How I Learned About Machine Learning

(and Why It’s Actually Pretty Cool, not scary at all 🥰)

Published in

ILLUMINATION

3 min readSep 24, 2024

You know, I’ve always been a bit skeptical about all this talk of machine learning. It sounded like one of those techy things that was super complicated and only for robots. But then, one day, my curiosity got the best of me. I started thinking, “What’s the big deal with this machine learning thing? Can it really do all the amazing stuff people say?” So, I decided to dig in and figure it out for myself.

Spoiler alert: It’s actually pretty awesome (and not as scary as it sounds)!

Let me tell you about a key part of machine learning that I found super interesting: training data and testing data. Now, don’t get worried about the fancy words — stick with me, and I promise it’ll make sense.

So, what’s this training data and testing data?

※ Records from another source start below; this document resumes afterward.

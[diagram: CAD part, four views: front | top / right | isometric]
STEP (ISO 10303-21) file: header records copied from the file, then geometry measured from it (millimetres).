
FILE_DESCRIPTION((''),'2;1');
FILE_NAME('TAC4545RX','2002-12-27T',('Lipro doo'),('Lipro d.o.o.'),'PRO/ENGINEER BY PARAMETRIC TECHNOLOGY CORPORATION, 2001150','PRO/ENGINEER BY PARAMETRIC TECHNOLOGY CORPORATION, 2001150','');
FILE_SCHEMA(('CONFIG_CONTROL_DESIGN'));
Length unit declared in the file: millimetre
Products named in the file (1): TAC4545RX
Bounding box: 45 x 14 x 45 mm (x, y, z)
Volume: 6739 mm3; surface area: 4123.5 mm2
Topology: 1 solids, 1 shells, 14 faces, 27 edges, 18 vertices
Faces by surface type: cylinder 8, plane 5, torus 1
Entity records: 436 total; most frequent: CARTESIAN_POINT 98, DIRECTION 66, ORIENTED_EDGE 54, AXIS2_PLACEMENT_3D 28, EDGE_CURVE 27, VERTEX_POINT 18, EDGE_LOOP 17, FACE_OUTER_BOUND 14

Imagine you’re trying to learn a new skill, like baking cookies. First, you need a recipe, right? That’s kind of like training data. It’s all the information you gather to figure out how to make the perfect cookie. You try different ingredients, measure carefully, and practice. In machine learning, this is like feeding lots and lots of examples into a computer program (the model) to teach it how to do something — like recognizing cats in photos or guessing what movie you might want to watch next.

Now, once you’ve practiced baking enough cookies, you want to see if you’re actually any good at it! You give some cookies to your friends to taste and ask, “Do these taste good?” This part is like testing data. You take a new set of ingredients and see if your cookie-making skills hold up without following the exact same steps every time. In machine learning, the testing data is like the fresh cookies — it’s brand new information the computer hasn’t seen before, and it shows whether it really learned anything or if it just memorized the old recipe.

Why use two types of data?

At first, I thought, “Why not just use one set of data and be done with it?” But here’s the thing: If we only use the training data, the model might get too good at that one recipe. It might learn every little detail perfectly, but that doesn’t mean it knows how to bake any other type of cookie. It’s like being able to bake one flavor but failing when you try something new. So, testing data helps us see if the model can handle all sorts of cookies (or problems) without needing specific instructions each time.

The Benefits

Once I got over my initial confusion, I realized how smart this method is. Using training and testing data helps:

Prevent overfitting (That’s when the model gets so good at its practice problems that it can’t solve anything else. It’s like memorizing answers for a test instead of actually learning the material.)
See real-world results (Testing data is what shows us if the model is actually useful in everyday situations. You don’t want a model that only works in a lab — it needs to work with real-world stuff!)

The Drawbacks

Okay, so what’s the downside? Well, sometimes it can be hard to find enough good data. If the training data isn’t diverse enough — meaning you only bake chocolate chip cookies and never try oatmeal raisin — the model might struggle when faced with different types of cookies in the testing stage. Plus, if the data isn’t labeled correctly (think of it as following a recipe with missing steps), the model might learn the wrong thing.

In the End…

Once I understood this, machine learning didn’t seem so complicated. It’s just like how we learn new things! First, we practice a lot (training data), and then we test ourselves to see if we really get it (testing data). Pretty cool, right? Now I’m not as skeptical as I was at the start. ❤️

So, what do you think? Have you ever tried learning something new using a similar process, like practicing with examples and then testing yourself later? I’d love to hear your experiences!